• DATA FOR PROCESSING:
□ □ □ □
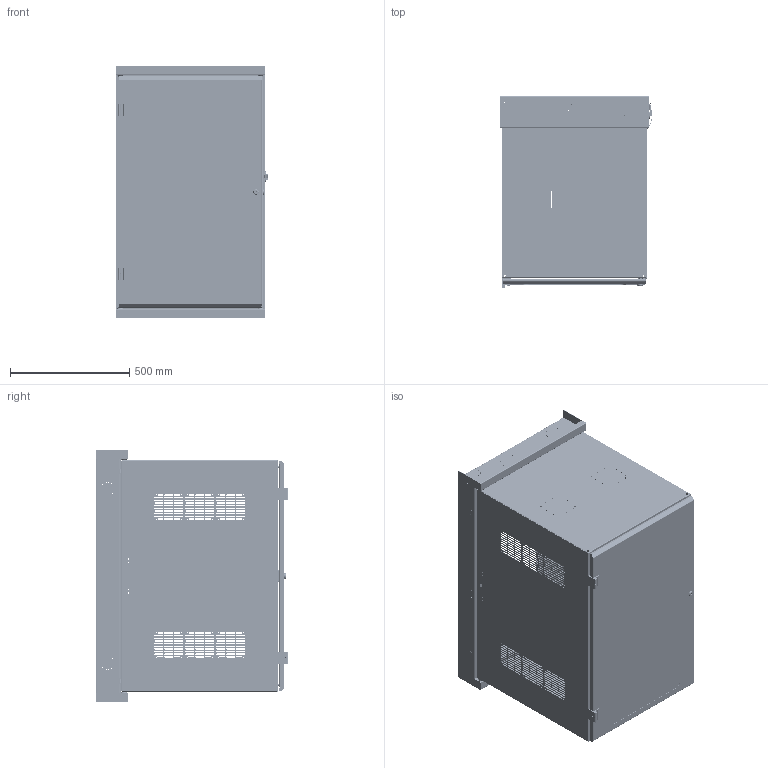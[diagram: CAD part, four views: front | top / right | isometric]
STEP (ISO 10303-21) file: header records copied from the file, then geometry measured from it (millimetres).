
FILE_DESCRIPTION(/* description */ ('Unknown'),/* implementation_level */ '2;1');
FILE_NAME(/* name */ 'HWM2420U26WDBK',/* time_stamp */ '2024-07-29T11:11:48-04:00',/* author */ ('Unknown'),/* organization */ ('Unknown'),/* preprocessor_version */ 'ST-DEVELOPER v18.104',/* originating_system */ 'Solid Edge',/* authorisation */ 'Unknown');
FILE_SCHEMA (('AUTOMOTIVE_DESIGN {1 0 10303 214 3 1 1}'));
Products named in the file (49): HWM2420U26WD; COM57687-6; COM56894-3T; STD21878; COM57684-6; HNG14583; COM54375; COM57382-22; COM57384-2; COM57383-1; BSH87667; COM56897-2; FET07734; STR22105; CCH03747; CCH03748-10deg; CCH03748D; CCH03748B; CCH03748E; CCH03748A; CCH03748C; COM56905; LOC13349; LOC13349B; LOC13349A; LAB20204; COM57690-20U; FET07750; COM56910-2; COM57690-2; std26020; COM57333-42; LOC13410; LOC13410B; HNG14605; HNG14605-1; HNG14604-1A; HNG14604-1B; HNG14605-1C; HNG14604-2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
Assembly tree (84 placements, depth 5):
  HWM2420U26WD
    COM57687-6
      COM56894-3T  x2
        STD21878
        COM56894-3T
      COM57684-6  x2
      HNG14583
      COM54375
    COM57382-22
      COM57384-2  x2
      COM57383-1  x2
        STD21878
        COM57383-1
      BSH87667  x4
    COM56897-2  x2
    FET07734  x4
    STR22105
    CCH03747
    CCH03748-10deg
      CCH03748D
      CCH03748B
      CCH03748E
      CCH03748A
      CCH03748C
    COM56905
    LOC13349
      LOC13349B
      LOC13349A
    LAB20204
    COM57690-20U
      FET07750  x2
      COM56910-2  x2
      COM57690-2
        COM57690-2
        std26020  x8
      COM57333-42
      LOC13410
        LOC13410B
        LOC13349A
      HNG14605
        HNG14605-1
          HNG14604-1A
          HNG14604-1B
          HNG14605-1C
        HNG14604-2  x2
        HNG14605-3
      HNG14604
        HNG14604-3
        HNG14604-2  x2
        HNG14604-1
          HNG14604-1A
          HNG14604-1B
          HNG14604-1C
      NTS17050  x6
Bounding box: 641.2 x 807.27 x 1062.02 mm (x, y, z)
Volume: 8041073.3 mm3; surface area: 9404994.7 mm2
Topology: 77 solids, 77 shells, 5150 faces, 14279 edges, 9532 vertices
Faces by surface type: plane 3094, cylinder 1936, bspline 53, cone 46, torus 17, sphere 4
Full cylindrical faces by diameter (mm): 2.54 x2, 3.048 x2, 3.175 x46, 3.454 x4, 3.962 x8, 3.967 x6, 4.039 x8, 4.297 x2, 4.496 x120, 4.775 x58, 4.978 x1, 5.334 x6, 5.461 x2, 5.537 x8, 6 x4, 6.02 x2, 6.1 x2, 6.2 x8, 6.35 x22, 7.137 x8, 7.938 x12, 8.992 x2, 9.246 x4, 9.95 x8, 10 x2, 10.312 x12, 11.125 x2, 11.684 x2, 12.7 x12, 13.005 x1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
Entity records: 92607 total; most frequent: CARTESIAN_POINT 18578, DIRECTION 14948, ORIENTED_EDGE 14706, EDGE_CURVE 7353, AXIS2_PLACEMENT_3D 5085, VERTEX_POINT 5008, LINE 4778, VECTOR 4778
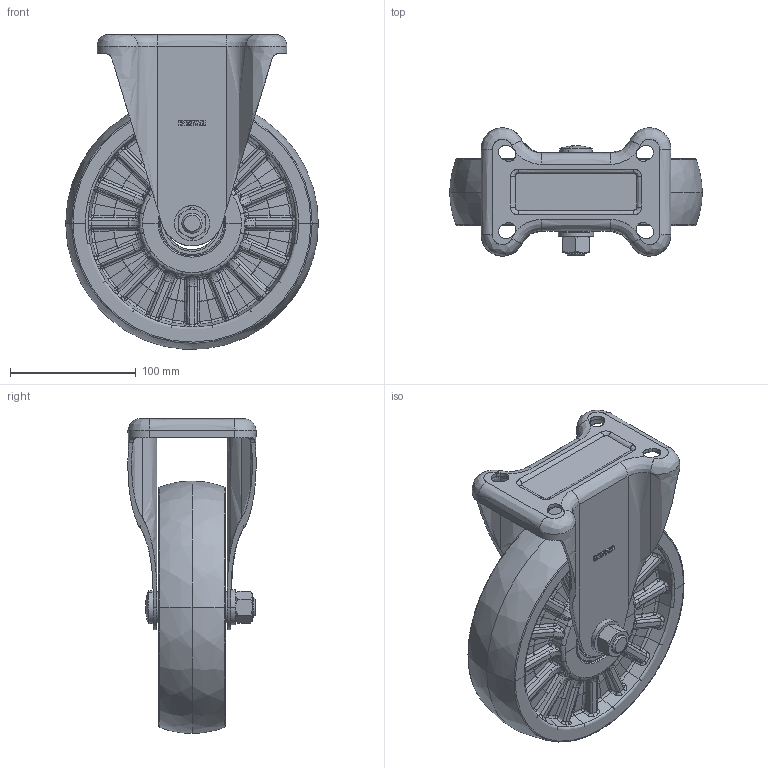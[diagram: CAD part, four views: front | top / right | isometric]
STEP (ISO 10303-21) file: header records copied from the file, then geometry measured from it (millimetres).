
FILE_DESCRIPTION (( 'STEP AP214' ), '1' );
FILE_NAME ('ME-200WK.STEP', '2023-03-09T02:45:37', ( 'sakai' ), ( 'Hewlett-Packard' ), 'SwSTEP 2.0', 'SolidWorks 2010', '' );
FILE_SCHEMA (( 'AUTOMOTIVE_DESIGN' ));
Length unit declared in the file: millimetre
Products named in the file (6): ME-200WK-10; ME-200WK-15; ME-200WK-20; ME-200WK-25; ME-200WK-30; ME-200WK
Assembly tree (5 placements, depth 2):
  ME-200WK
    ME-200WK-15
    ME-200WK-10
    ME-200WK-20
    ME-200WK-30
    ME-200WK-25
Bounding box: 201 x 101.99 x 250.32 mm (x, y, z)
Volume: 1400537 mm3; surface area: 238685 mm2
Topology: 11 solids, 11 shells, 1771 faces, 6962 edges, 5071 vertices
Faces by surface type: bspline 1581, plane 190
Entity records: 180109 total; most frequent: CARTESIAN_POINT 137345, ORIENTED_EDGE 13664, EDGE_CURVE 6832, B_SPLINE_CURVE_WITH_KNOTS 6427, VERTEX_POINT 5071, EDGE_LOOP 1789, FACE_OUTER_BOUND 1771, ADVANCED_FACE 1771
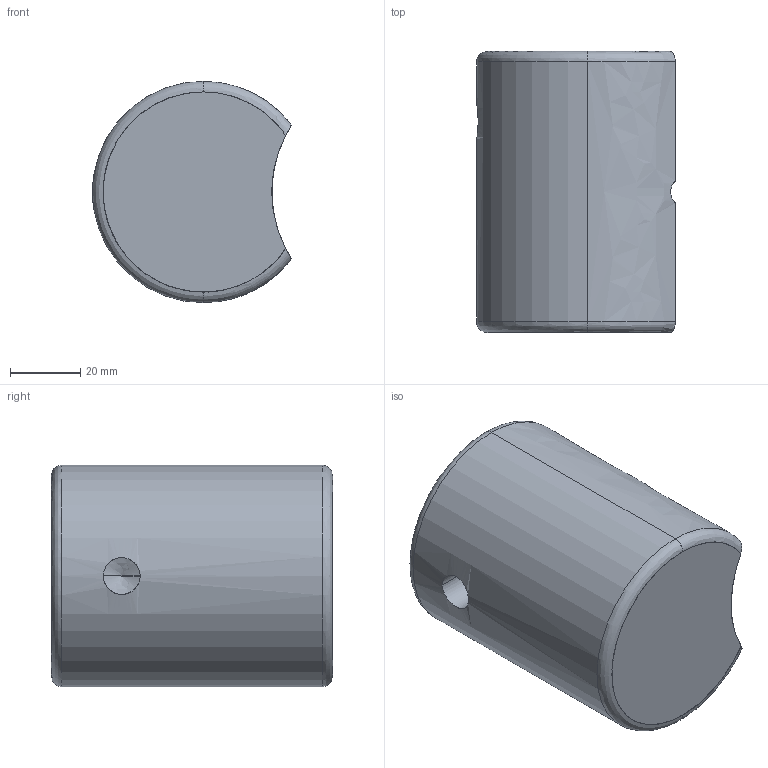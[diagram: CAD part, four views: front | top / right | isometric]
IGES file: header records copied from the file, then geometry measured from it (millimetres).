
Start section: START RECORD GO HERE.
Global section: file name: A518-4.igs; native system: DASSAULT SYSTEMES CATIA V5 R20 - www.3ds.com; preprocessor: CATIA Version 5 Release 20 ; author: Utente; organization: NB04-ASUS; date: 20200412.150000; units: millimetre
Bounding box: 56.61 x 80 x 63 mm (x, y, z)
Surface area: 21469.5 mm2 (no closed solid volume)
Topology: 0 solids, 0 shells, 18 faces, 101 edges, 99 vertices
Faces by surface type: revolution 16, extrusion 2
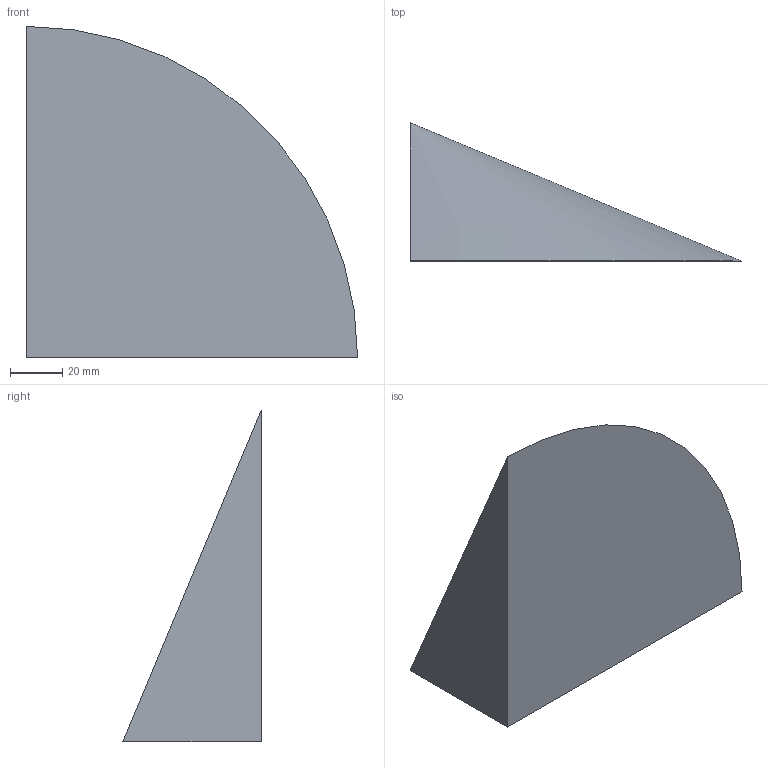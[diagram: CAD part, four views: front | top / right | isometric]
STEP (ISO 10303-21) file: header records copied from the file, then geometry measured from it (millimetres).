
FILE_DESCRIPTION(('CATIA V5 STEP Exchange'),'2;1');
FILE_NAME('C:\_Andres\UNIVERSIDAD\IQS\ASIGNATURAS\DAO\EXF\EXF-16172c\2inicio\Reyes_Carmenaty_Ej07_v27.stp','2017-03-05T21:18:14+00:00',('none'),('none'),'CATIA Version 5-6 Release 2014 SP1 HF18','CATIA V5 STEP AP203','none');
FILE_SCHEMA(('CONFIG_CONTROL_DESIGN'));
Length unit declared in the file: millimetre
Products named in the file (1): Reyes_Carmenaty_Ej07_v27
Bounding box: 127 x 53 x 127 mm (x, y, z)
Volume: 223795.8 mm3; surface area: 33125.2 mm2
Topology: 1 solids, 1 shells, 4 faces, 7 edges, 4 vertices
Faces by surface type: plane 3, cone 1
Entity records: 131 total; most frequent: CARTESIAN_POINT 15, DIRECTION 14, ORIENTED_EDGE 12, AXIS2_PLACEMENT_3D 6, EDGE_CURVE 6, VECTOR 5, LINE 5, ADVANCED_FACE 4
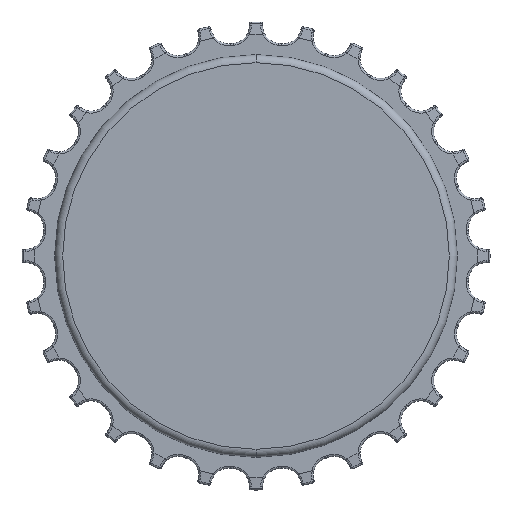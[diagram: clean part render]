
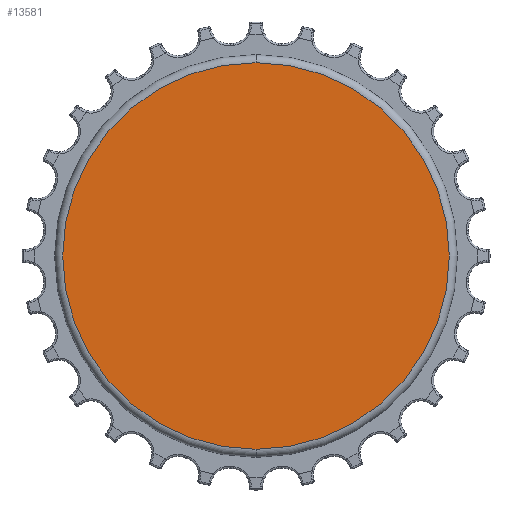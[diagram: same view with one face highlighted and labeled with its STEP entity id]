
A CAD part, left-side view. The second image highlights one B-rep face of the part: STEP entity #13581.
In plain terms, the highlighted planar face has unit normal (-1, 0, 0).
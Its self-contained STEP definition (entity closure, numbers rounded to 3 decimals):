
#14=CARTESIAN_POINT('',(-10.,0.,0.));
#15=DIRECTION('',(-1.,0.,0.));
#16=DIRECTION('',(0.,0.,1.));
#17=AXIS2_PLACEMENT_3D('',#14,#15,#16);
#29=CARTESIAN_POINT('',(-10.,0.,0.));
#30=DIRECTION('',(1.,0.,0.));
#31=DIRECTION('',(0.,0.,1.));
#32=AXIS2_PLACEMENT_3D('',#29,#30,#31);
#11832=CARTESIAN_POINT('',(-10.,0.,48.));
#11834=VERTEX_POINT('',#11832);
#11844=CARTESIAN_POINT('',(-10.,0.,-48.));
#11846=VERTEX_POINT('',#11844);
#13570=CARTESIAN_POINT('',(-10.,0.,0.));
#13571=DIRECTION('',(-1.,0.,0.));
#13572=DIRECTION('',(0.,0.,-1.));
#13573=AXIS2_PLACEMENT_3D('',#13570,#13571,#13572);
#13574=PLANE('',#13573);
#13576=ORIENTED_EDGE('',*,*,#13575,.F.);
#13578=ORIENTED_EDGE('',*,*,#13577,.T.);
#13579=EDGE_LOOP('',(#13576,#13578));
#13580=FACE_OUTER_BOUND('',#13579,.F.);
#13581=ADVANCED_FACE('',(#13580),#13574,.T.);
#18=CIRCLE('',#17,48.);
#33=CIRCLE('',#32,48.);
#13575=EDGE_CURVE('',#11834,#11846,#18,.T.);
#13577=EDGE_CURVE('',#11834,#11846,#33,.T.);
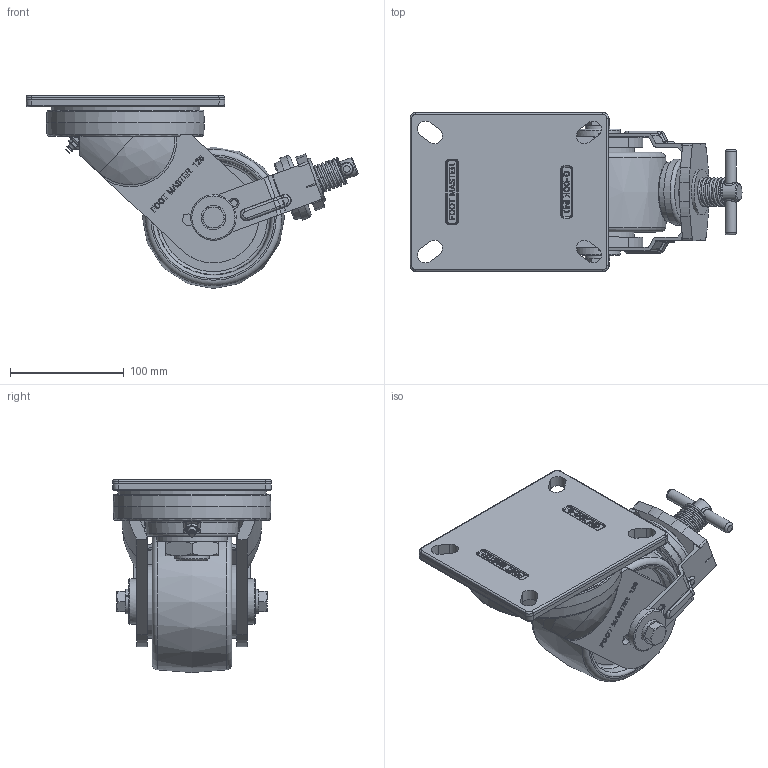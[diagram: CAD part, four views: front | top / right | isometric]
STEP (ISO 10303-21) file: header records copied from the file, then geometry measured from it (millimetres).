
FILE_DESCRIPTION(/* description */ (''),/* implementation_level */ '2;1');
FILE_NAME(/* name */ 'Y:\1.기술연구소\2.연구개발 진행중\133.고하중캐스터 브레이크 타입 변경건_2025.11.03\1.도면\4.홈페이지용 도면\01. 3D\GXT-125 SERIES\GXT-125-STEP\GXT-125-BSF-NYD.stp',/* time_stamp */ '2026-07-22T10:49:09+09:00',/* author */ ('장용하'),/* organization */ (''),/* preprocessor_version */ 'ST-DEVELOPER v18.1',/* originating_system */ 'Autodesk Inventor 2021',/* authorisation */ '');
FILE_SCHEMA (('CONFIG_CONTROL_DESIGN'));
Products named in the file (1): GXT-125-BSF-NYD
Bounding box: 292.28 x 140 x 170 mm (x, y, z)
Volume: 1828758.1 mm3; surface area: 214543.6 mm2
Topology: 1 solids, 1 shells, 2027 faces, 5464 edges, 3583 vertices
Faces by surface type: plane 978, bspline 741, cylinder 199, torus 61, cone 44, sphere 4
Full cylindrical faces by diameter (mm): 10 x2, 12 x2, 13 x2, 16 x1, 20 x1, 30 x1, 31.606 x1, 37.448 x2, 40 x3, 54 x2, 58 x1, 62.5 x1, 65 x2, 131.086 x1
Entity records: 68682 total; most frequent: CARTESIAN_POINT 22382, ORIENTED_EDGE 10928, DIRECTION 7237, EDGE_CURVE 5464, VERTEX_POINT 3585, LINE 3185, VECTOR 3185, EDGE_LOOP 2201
□ □ □ □
• DESCRIPTION OF THE TASK:
Search the records line by line for the word "sphere" and copy every line where it appears.

• TASK ANSWER:
Faces by surface type: plane 3094, cylinder 1936, bspline 53, cone 46, torus 17, sphere 4
Faces by surface type: plane 978, bspline 741, cylinder 199, torus 61, cone 44, sphere 4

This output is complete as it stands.